RECORDS FOR THE TASK:
--- START ---
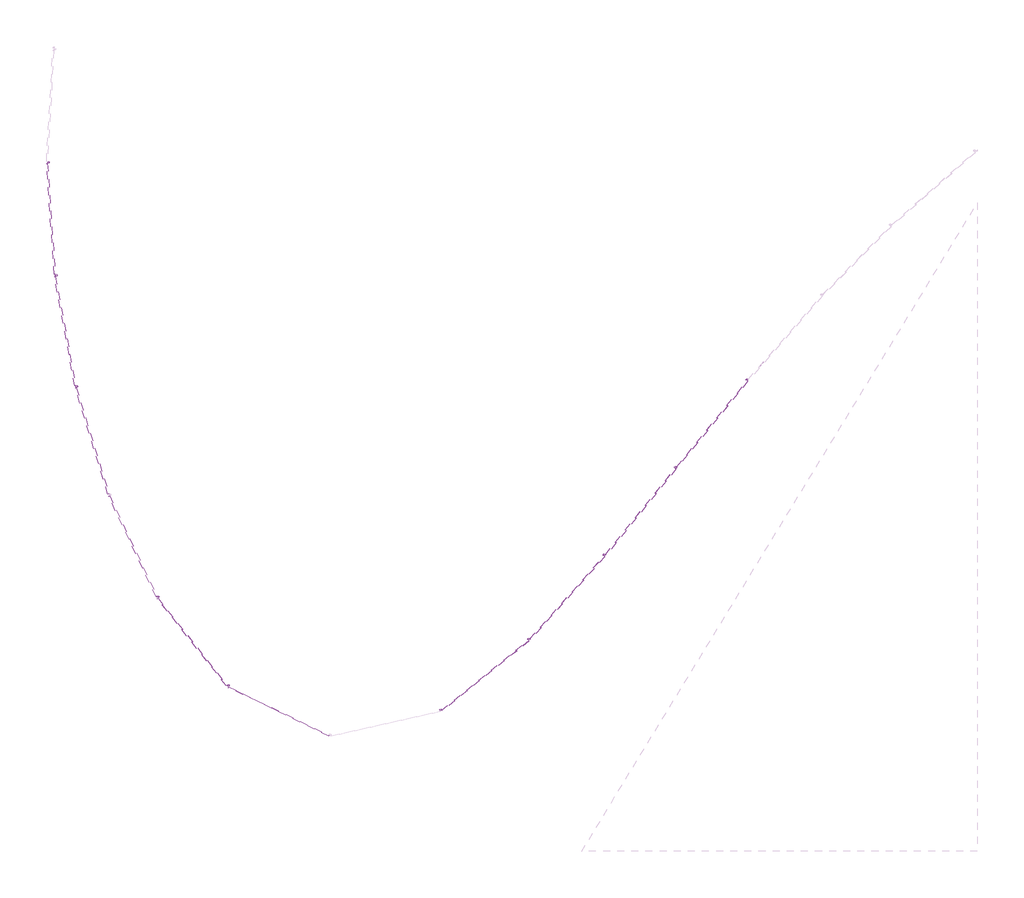
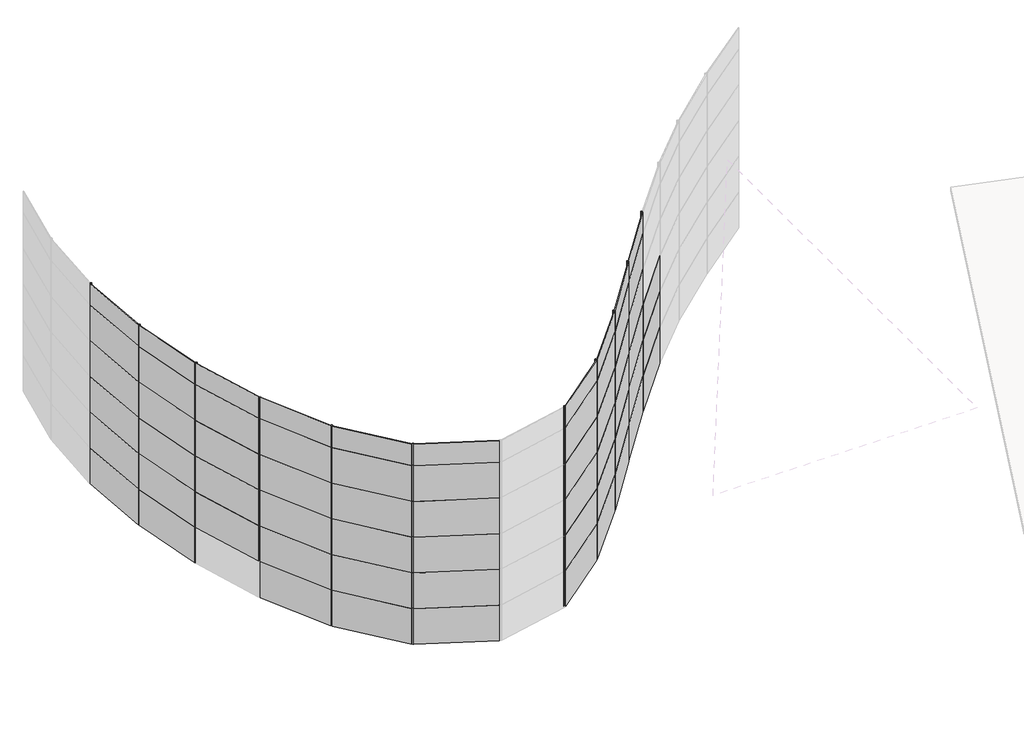
# One storey, part 4 of 8: 62 plates, 60 members.
"""IFC4 building model written with IfcOpenShell, lengths in millimetres."""

import ifcopenshell
import ifcopenshell.guid

model = None  # the IFC model being written
_history = None  # IfcOwnerHistory: only IFC2X3 demands one
_inside = {}  # id of a spatial element -> (the spatial element, [elements in it])
_under = {}  # id of a project, library or spatial element -> (it, [spatial elements below it])
_declared = {}  # id of a project -> (the project, [libraries it declares])
_typed = {}  # id of a type object -> (the type object, [elements of that type])
_made_of = {}  # id of a material, layer set ... -> (it, [elements and type objects made of it])


def new_model(schema):
    """Start an empty IFC model of exactly this schema.

    Asked for "IFC4X3", IfcOpenShell would pick the latest addendum, in which some entities
    have other attributes; the version numbers below select the first issue.
    IFC2X3 requires an IfcOwnerHistory on every rooted entity: one is made here for all.
    """
    global model, _history
    if schema == "IFC4X3":
        model = ifcopenshell.file(schema_version=(4, 3, 0, 0))
    else:
        model = ifcopenshell.file(schema=schema)
    _inside.clear()
    _under.clear()
    _declared.clear()
    _typed.clear()
    _made_of.clear()
    _history = None
    if model.schema == "IFC2X3":
        org = make("IfcOrganization", Name="unknown")
        user = make(
            "IfcPersonAndOrganization",
            ThePerson=make("IfcPerson", FamilyName="unknown"),
            TheOrganization=org,
        )
        app = make(
            "IfcApplication",
            ApplicationDeveloper=org,
            Version="unknown",
            ApplicationFullName="unknown",
            ApplicationIdentifier="unknown",
        )
        _history = make(
            "IfcOwnerHistory",
            OwningUser=user,
            OwningApplication=app,
            ChangeAction="ADDED",
            CreationDate=0,
        )
    return model


def make(cls, **values):
    """One entity of the class cls with the attributes given. An attribute that is None is left unset."""
    return model.create_entity(
        cls, **{name: value for name, value in values.items() if value is not None}
    )


def rooted(cls, **values):
    """An entity with a GlobalId (a new one), such as an element, a storey or a relation."""
    return make(cls, GlobalId=ifcopenshell.guid.new(), OwnerHistory=_history, **values)


def si_unit(unit_type, name, prefix=None):
    """IfcSIUnit, for example si_unit("LENGTHUNIT", "METRE", prefix="MILLI")."""
    return make("IfcSIUnit", UnitType=unit_type, Prefix=prefix, Name=name)


def assignment(units):
    """IfcUnitAssignment: the units of a project."""
    return None if units is None else make("IfcUnitAssignment", Units=units)


def point(xyz):
    """IfcCartesianPoint."""
    return None if xyz is None else make("IfcCartesianPoint", Coordinates=xyz)


def direction(xyz):
    """IfcDirection."""
    return None if xyz is None else make("IfcDirection", DirectionRatios=xyz)


def frame(location, z_axis=None, x_axis=None):
    """IfcAxis2Placement3D, a coordinate frame: its origin and axes. An axis left out is left unset."""
    return make(
        "IfcAxis2Placement3D",
        Location=point(location),
        Axis=direction(z_axis),
        RefDirection=direction(x_axis),
    )


def frame_2d(location, x_axis=None):
    """IfcAxis2Placement2D, a coordinate frame in the plane: its origin and x axis."""
    return make(
        "IfcAxis2Placement2D", Location=point(location), RefDirection=direction(x_axis)
    )


def origin():
    """The frame at (0, 0, 0) with its axes left unset."""
    return frame((0.0, 0.0, 0.0))


def origin_with_axes():
    """The frame at (0, 0, 0) with the z axis (0, 0, 1) and the x axis (1, 0, 0) written out."""
    return frame((0.0, 0.0, 0.0), z_axis=(0.0, 0.0, 1.0), x_axis=(1.0, 0.0, 0.0))


def origin_2d():
    """The frame at (0, 0) in the plane with its x axis left unset."""
    return frame_2d((0.0, 0.0))


def place(relative_to, where):
    """IfcLocalPlacement: puts the frame where relative to a parent placement (None: the world)."""
    return make(
        "IfcLocalPlacement", PlacementRelTo=relative_to, RelativePlacement=where
    )


def context(
    kind, dimensions, precision=None, world=None, true_north=None, identifier=None
):
    """IfcGeometricRepresentationContext, for example the 3D "Model" context."""
    return make(
        "IfcGeometricRepresentationContext",
        ContextIdentifier=identifier,
        ContextType=kind,
        CoordinateSpaceDimension=dimensions,
        Precision=precision,
        WorldCoordinateSystem=world,
        TrueNorth=true_north,
    )


def project(units=None, contexts=None):
    """IfcProject with its units and contexts."""
    return rooted(
        "IfcProject",
        Name="project",
        RepresentationContexts=contexts,
        UnitsInContext=assignment(units),
    )


def spatial(cls, under=None, at=None, **own):
    """A site, building, storey or space (cls), placed at a placement, below another one or the project."""
    s = rooted(cls, ObjectPlacement=at, **own)
    if under is not None:
        _under.setdefault(under.id(), (under, []))[1].append(s)
    return s


def polyline(points):
    """IfcPolyline through the points."""
    return make("IfcPolyline", Points=[point(p) for p in points])


def circle_curve(where, radius):
    """IfcCircle in the frame where."""
    return make("IfcCircle", Position=where, Radius=radius)


def trimmed(basis, trim1, trim2, sense, master):
    """IfcTrimmedCurve: the piece of a basis curve between two trims."""
    return make(
        "IfcTrimmedCurve",
        BasisCurve=basis,
        Trim1=trim1,
        Trim2=trim2,
        SenseAgreement=sense,
        MasterRepresentation=master,
    )


def segment(curve, same_sense, transition):
    """IfcCompositeCurveSegment."""
    return make(
        "IfcCompositeCurveSegment",
        Transition=transition,
        SameSense=same_sense,
        ParentCurve=curve,
    )


def composite_curve(segments, self_intersect=None):
    """IfcCompositeCurve: segments joined end to end."""
    return make("IfcCompositeCurve", Segments=segments, SelfIntersect=self_intersect)


def outline(outer, holes=None, kind="AREA"):
    """IfcArbitraryClosedProfileDef: a profile drawn as a closed curve; with holes, ...WithVoids."""
    if holes is None:
        return make("IfcArbitraryClosedProfileDef", ProfileType=kind, OuterCurve=outer)
    return make(
        "IfcArbitraryProfileDefWithVoids",
        ProfileType=kind,
        OuterCurve=outer,
        InnerCurves=holes,
    )


def extrude(swept, where, along, depth):
    """IfcExtrudedAreaSolid: the profile swept, set in the frame where, extruded along a direction by depth."""
    return make(
        "IfcExtrudedAreaSolid",
        SweptArea=swept,
        Position=where,
        ExtrudedDirection=direction(along),
        Depth=depth,
    )


def shape(context_of_items, identifier, shape_type, items):
    """IfcShapeRepresentation: the items that make up one representation, for example the "Body"."""
    return make(
        "IfcShapeRepresentation",
        ContextOfItems=context_of_items,
        RepresentationIdentifier=identifier,
        RepresentationType=shape_type,
        Items=items,
    )


def source(mapping_origin, context_of_items, identifier, shape_type, items):
    """IfcRepresentationMap: a shape defined once, which mapped items show again and again."""
    return make(
        "IfcRepresentationMap",
        MappingOrigin=mapping_origin,
        MappedRepresentation=shape(context_of_items, identifier, shape_type, items),
    )


def transform(
    local_origin,
    x_axis=None,
    y_axis=None,
    z_axis=None,
    scale=None,
    scale2=None,
    scale3=None,
    uniform=True,
):
    """IfcCartesianTransformationOperator3D, or its non-uniform kind. x_axis, y_axis, z_axis: its Axis1, 2, 3."""
    if uniform:
        return make(
            "IfcCartesianTransformationOperator3D",
            Axis1=direction(x_axis),
            Axis2=direction(y_axis),
            LocalOrigin=point(local_origin),
            Scale=scale,
            Axis3=direction(z_axis),
        )
    return make(
        "IfcCartesianTransformationOperator3DnonUniform",
        Axis1=direction(x_axis),
        Axis2=direction(y_axis),
        LocalOrigin=point(local_origin),
        Scale=scale,
        Axis3=direction(z_axis),
        Scale2=scale2,
        Scale3=scale3,
    )


def mapped(mapping_source, mapping_target):
    """IfcMappedItem: shows the shape of a source again, moved by a transform."""
    return make(
        "IfcMappedItem", MappingSource=mapping_source, MappingTarget=mapping_target
    )


def made_of(thing, what):
    """Note that an element or type object is made of a material, layer set ...; save() writes the relation."""
    if what is not None:
        _made_of.setdefault(what.id(), (what, []))[1].append(thing)
    return thing


def element(
    cls,
    number,
    at=None,
    inside=None,
    cuts=None,
    type_object=None,
    material=None,
    context=None,
    identifier="Body",
    shape_type=None,
    held_by="IfcProductDefinitionShape",
    body=None,
    shapes=None,
    **own,
):
    """One element of the class cls, such as IfcWall. Its Tag is "e" and its number.

    at: its placement. inside: the storey or other place that contains it. cuts: it is an
    opening in that element (IfcRelVoidsElement). A single representation is given by context,
    identifier, shape_type and body (its items); several are given by shapes. held_by: the class
    of the entity that holds the representations. save() writes the other relations.
    """
    e = rooted(cls, Tag="e%d" % number, ObjectPlacement=at, **own)
    if body is not None:
        shapes = [shape(context, identifier, shape_type, body)]
    if shapes is not None:
        e.Representation = make(held_by, Representations=shapes)
    if inside is not None:
        _inside.setdefault(inside.id(), (inside, []))[1].append(e)
    if cuts is not None:
        rooted(
            "IfcRelVoidsElement", RelatingBuildingElement=cuts, RelatedOpeningElement=e
        )
    if type_object is not None:
        _typed.setdefault(type_object.id(), (type_object, []))[1].append(e)
    return made_of(e, material)


def aggregate(whole, parts):
    """IfcRelAggregates: a whole, such as a stair, and the parts it consists of."""
    return rooted("IfcRelAggregates", RelatingObject=whole, RelatedObjects=parts)


def save(model, path):
    """Write the relations noted so far, then the file.

    IfcRelAggregates (storeys below a building ...), IfcRelContainedInSpatialStructure (elements
    in a storey), IfcRelDefinesByType, IfcRelAssociatesMaterial and IfcRelDeclares: one each for
    every whole, place, type object, material and project.
    """
    for whole, parts in _under.values():
        aggregate(whole, parts)
    for where, things in _inside.values():
        rooted(
            "IfcRelContainedInSpatialStructure",
            RelatedElements=things,
            RelatingStructure=where,
        )
    for kind, things in _typed.values():
        rooted("IfcRelDefinesByType", RelatedObjects=things, RelatingType=kind)
    for what, things in _made_of.values():
        rooted("IfcRelAssociatesMaterial", RelatedObjects=things, RelatingMaterial=what)
    for by, libraries in _declared.values():
        rooted("IfcRelDeclares", RelatingContext=by, RelatedDefinitions=libraries)
    model.write(path)


def montante_circular_25_mm_raio_36e581cf(model_context):
    return source(origin(), model_context, "Body", "SweptSolid", [
        extrude(outline(composite_curve([segment(trimmed(circle_curve(origin_2d(), 25.0), [point((25.0, 0.0))], [point((-25.0, 0.0))], False, "CARTESIAN"), True, "CONTINUOUS"), segment(trimmed(circle_curve(origin_2d(), 25.0), [point((-25.0, 0.0))], [point((25.0, 0.0))], False, "CARTESIAN"), True, "CONTINUOUS")], self_intersect=False)), frame((0.0, 0.0, -1500.0), z_axis=(0.0, 0.0, 1.0), x_axis=(1.0, 0.0, 0.0)), (0.0, 0.0, 1.0), 1500.0),
    ])


def montante_circular_25_mm_raio_8ba79aec(model_context):
    return source(origin(), model_context, "Body", "SweptSolid", [
        extrude(outline(composite_curve([segment(trimmed(circle_curve(origin_2d(), 25.0), [point((25.0, 0.0))], [point((-25.0, 0.0))], False, "CARTESIAN"), True, "CONTINUOUS"), segment(trimmed(circle_curve(origin_2d(), 25.0), [point((-25.0, 0.0))], [point((25.0, 0.0))], False, "CARTESIAN"), True, "CONTINUOUS")], self_intersect=False)), frame((0.0, 0.0, -900.0), z_axis=(0.0, 0.0, 1.0), x_axis=(1.0, 0.0, 0.0)), (0.0, 0.0, 1.0), 900.0),
    ])


def painel_do_sistema_85ccde5d(model_context):
    return source(origin(), model_context, "Body", "SweptSolid", [
        extrude(outline(polyline([(1475.0, -49.5), (-1475.0, -49.5), (-1475.0, -24.5), (1475.0, -24.5), (1475.0, -49.5)])), origin_with_axes(), (0.0, 0.0, 1.0), 1500.0),
    ])


def painel_do_sistema_d8fd150b(model_context):
    return source(origin(), model_context, "Body", "SweptSolid", [
        extrude(outline(polyline([(1475.0, -49.5), (-1475.0, -49.5), (-1475.0, -24.5), (1475.0, -24.5), (1475.0, -49.5)])), origin_with_axes(), (0.0, 0.0, 1.0), 900.0),
    ])


model = new_model("IFC4")

# Units and contexts
model_context = context("Model", 3, world=origin())
ifc_project = project(units=[si_unit("LENGTHUNIT", "METRE", prefix="MILLI")], contexts=[model_context])

# Site, building, storey
site = spatial("IfcSite", under=ifc_project)
building = spatial("IfcBuilding", under=site)
storey = spatial("IfcBuildingStorey", under=building, Name="Nível 3", Elevation=7695.2)

# Members
placement = place(None, origin())
montante_circular_25_mm_raio_shape = montante_circular_25_mm_raio_36e581cf(model_context)
element("IfcMember", 1, ObjectType="Montante circular : 25 mm Raio", at=placement, inside=storey, context=model_context, shape_type="MappedRepresentation", body=[
    mapped(montante_circular_25_mm_raio_shape, transform((-41927.7364355, 30807.566003, 9000.0), x_axis=(0.00926833746122375, -0.999957048037917, 0.0), y_axis=(-0.999957048037917, -0.00926833746122375, 0.0), z_axis=(0.0, 0.0, -1.0))),
])
element("IfcMember", 2, ObjectType="Montante circular : 25 mm Raio", at=placement, inside=storey, context=model_context, shape_type="MappedRepresentation", body=[
    mapped(montante_circular_25_mm_raio_shape, transform((-41719.5366875, 27814.7992454, 9000.0), x_axis=(0.12720739477424994, -0.9918761408133316, 0.0), y_axis=(-0.9918761408133316, -0.12720739477424994, 0.0), z_axis=(0.0, 0.0, -1.0))),
])
element("IfcMember", 3, ObjectType="Montante circular : 25 mm Raio", at=placement, inside=storey, context=model_context, shape_type="MappedRepresentation", body=[
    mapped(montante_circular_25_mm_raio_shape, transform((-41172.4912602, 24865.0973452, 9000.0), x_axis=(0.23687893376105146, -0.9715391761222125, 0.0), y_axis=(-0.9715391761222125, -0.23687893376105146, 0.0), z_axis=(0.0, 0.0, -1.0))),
--- END ---
PROBLEM TO WORK ON: Omitting all pictures, restate exactly the lines of the material from its start through the line that contains "elements below it])".

SOLUTION TO THIS EXERCISE:
# One storey, part 4 of 8: 62 plates, 60 members.
"""IFC4 building model written with IfcOpenShell, lengths in millimetres."""

import ifcopenshell
import ifcopenshell.guid

model = None  # the IFC model being written
_history = None  # IfcOwnerHistory: only IFC2X3 demands one
_inside = {}  # id of a spatial element -> (the spatial element, [elements in it])
_under = {}  # id of a project, library or spatial element -> (it, [spatial elements below it])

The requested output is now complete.